Congruence on an algebra

Definition

Symbol-free definition

A congruence on an algebra is an equivalence relation that is preserved by all the operations of the algebra.

Definition with symbols

Suppose $A$ is an algebra with operators $\omega _{j}:A^{n_{j}}\to A$ (i.e., each operator $\omega _{j}$ has $n_{j}$ inputs and one output). A congruence on $A$ is an equivalence relation $\sim$ on $A$ such that, for all $j$ :

$a_{i}\sim b_{i},1\leq i\leq n_{j}\implies \omega _{j}(a_{1},a_{2},\dots ,a_{n_{j}})\sim \omega _{j}(b_{1},b_{2},\dots ,b_{n_{j}})$

To every congruence, there is associated a natural quotient map, to the algebra $A/\sim$ of equivalence classes under $\sim$ . If $A$ belongs to any variety, so does $A/\sim$ , so we can study the notion of congruence restricted to a particular variety of algebras.

Examples

On a group

Further information: congruence on a group, normal subgroup equals kernel of homomorphism, first isomorphism theorem

A congruence on a group is an equivalence relation such that $a\sim b\implies a^{-1}\sim b^{-1}$ and $a\sim b,c\sim d\implies ac\sim bd$ . For any congruence, the corresponding quotient gives a quotient map in the usual sense, and the kernel of the quotient map, which is the set of elements congruent to the identity, is a normal subgroup.
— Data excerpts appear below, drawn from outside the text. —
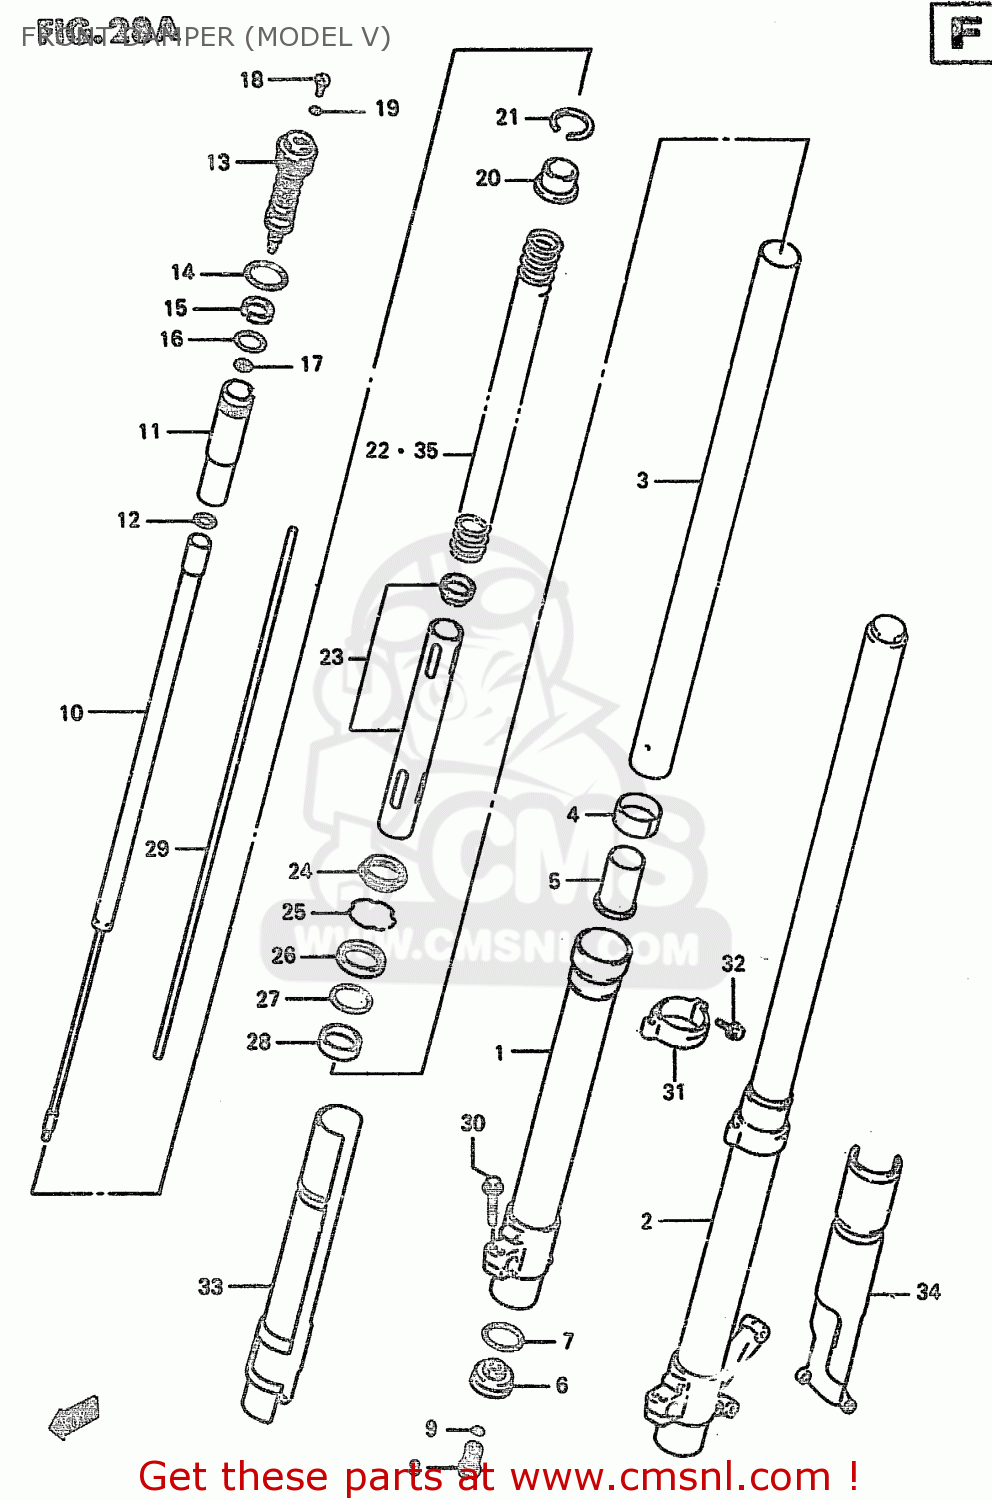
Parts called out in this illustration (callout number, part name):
1	TUBE,OUTER,RIGHT
2	TUBE,OUTER,LEFT
3	TUBE,INNER
4	BUSH,SLIDE
5	PIECE,OIL LOCK
6	PLATE,END
7	O RING
8	BOLT,CTR
9	O RING
10	ROD,FR DAMPER
11	TANK,SUB
12	O-RING
13	BOLT,FORK
14	O RING
15	BUSH,FORK BOLT SLIDE
16	O RING
17	O RING
18	BOLT,PLUG
19	O RING,PLUG
20	SPRING,STOPPER
21	RING,STOPPER
22	SPRING,FRONT (K=0.42)
23	COLLAR,SPRING
24	SEAL,DUST
25	RING,STOPPER
26	SEAL,OIL
27	SPACER,SEAL
28	BUSH,GUIDE
29	ROD,PUSH
30	BOLT,HANDLE HOLDER(8X35)
31	GUIDE,FR PROTECTOR,R
32	BOLT,PROTECTOR GUIDE,6
33	PROTECTOR,OUTER TUBE,R
34	PROTECTOR,OUTER TUBE,L
35	SPRING,FR(K=0.40)

Conversely, given any normal subgroup, there is a unique congruence having that as kernel. (The uniqueness is another formulation of the first isomorphism theorem). The universal algebraic statement for this is that the variety of groups is ideal-determined.

On a monoid

A congruence on a monoid is an equivalence relation that respects the monoid multiplication. We can also define a quotient map with respect to the congruence.

However, the set of elements congruent to the identity does not determine the congruence completely.